The directive does not apply to personal data, but to aggregate data. This raises a question on how far this can lead. In the UK, individual house sale data is published, which is effectively personal data for privately owned properties. The data comes from the collection of stamp-duty tax. It is widely used by real estate agent and house-buyer websites in the UK. As Marcus Dapp noted above – this level of openness that could be traceable back to individual transactions might not go down so well in other countries.
There is a fundamental difference between the European and US’s approach to privacy and this led to a discussion on informed consent. The US, in the eyes of European legislators, is a curious situation where there is opposition to government stored private data, yet it is fine for private citizens or corporations from obtaining private information, such as credit status, that is not available in Europe. Europe is more in line with the spirit of OECD rules which centre on “informed consent”.

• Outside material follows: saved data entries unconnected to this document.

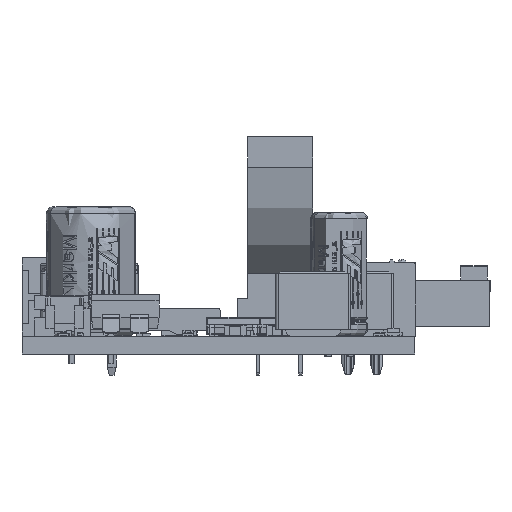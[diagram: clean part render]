
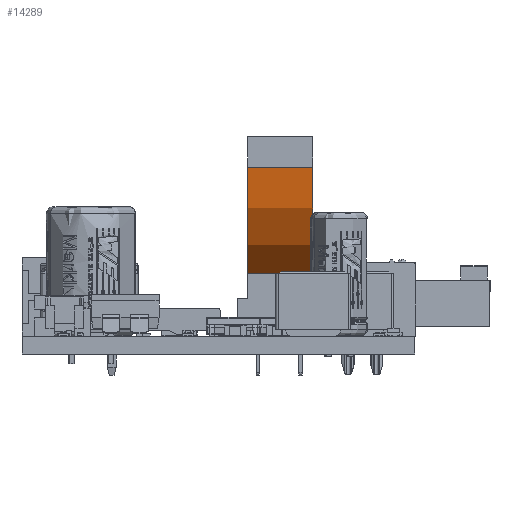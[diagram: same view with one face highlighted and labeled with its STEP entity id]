
A CAD part, front view. The second image highlights one B-rep face of the part: STEP entity #14289.
In plain terms, the highlighted cylindrical face has radius 11.45 mm (diameter 22.9 mm), a partial arc.
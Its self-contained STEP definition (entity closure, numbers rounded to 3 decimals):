
#14289=ADVANCED_FACE('0:36377',(#27683),#27684,.T.);
#27683=FACE_OUTER_BOUND('',#58817,.T.);
#27684=CYLINDRICAL_SURFACE('',#58818,11.45);
#58817=EDGE_LOOP('',(#90347,#90348,#90349,#90350));
#58818=AXIS2_PLACEMENT_3D('',#90351,#90352,#90353);
#90347=ORIENTED_EDGE('',*,*,#110519,.T.);
#90348=ORIENTED_EDGE('',*,*,#110589,.F.);
#90349=ORIENTED_EDGE('',*,*,#110591,.F.);
#90350=ORIENTED_EDGE('',*,*,#110564,.T.);
#90351=CARTESIAN_POINT('',(0.,-0.02,0.));
#90352=DIRECTION('',(0.,-1.0,0.));
#90353=DIRECTION('',(0.,0.,1.0));
#110519=EDGE_CURVE('0:36497',#130297,#130295,#130298,.T.);
#110564=EDGE_CURVE('0:36620',#130380,#130297,#130381,.T.);
#110589=EDGE_CURVE('0:36686',#130420,#130295,#130422,.T.);
#110591=EDGE_CURVE('0:36689',#130380,#130420,#130424,.T.);
#130295=VERTEX_POINT('NONE',#165948);
#130297=VERTEX_POINT('NONE',#165951);
#130298=CIRCLE('',#165952,11.45);
#130380=VERTEX_POINT('NONE',#166067);
#130381=LINE('',#166068,#166069);
#130420=VERTEX_POINT('NONE',#166128);
#130422=LINE('',#166131,#166132);
#130424=CIRCLE('',#166134,11.45);
#165948=CARTESIAN_POINT('',(6.5,5.78,9.426));
#165951=CARTESIAN_POINT('',(11.45,5.78,0.));
#165952=AXIS2_PLACEMENT_3D('',#185046,#185047,#185048);
#166067=CARTESIAN_POINT('',(11.45,-0.02,0.));
#166068=CARTESIAN_POINT('',(11.45,-0.02,0.));
#166069=VECTOR('',#185103,0.001);
#166128=CARTESIAN_POINT('',(6.5,-0.02,9.426));
#166131=CARTESIAN_POINT('',(6.5,-0.02,9.426));
#166132=VECTOR('',#185125,0.001);
#166134=AXIS2_PLACEMENT_3D('',#185126,#185127,#185128);
#185046=CARTESIAN_POINT('',(0.,5.78,0.));
#185047=DIRECTION('',(0.,-1.0,0.));
#185048=DIRECTION('',(0.,0.,1.0));
#185103=DIRECTION('',(0.,1.0,0.0));
#185125=DIRECTION('',(0.,1.0,0.0));
#185126=CARTESIAN_POINT('',(0.,-0.02,0.));
#185127=DIRECTION('',(0.,-1.0,0.));
#185128=DIRECTION('',(0.,0.,1.0));

But the concept of informed consent is not working in the world of mobile apps and social networking. Very few bother to read the 10 pages on privacy before putting their personal information on Facebook. Yet hitting the “I agree” button is informed consent. Policybloggers notes that the situation is the same with iPhone or Android apps where it is easy to skip over the privacy warnings, which might include full access to your contact lists or to your location, and hit the “I agree button”. These are cases of un-informed consent.
Marcus Dapp thinks a simple icon based approach, similar to that used by creative commons to describe copyright, would simplify the consent process. This is off the PSI topic but is an interesting point and merges the questions of governments and citizens opening up their data.
Quality of data
One question concerned the usefulness of data, how quickly it would age, and work needed to keep it current. Here the connection between open-government and e-government (being the digitisation of government processes, move to electronic invoicing etc) becomes important. Marcus Dapp noted that making publication of data part of the process, rather than an added process, helps solve this problem. If commercial interests request data on a more timely basis than the public body needs, then this is a reason to charge for this ungraded service. The directive does not say that data has to be free.
Allied to the quality question is ease of access. A delegate from Microsoft (who offer cloud hosting) noted the much higher than expected traffic generated when London opened up its live tube and bus data.
The Open Source experience
Marcus Dapp cited work earlier in his career on open source software. The drivers of free open source software generation have interesting parallels for open data. He found 16 drivers that encouraged people to contribute to open source projects, and only two of them were financial – being the ability to use the product in business, or direct enhancement of career prospects by being associated with a project. Others included reputation, identification with a philosophy of openness, being seen as a first mover. He noted that arguments on a psychological level can be just as important as rational.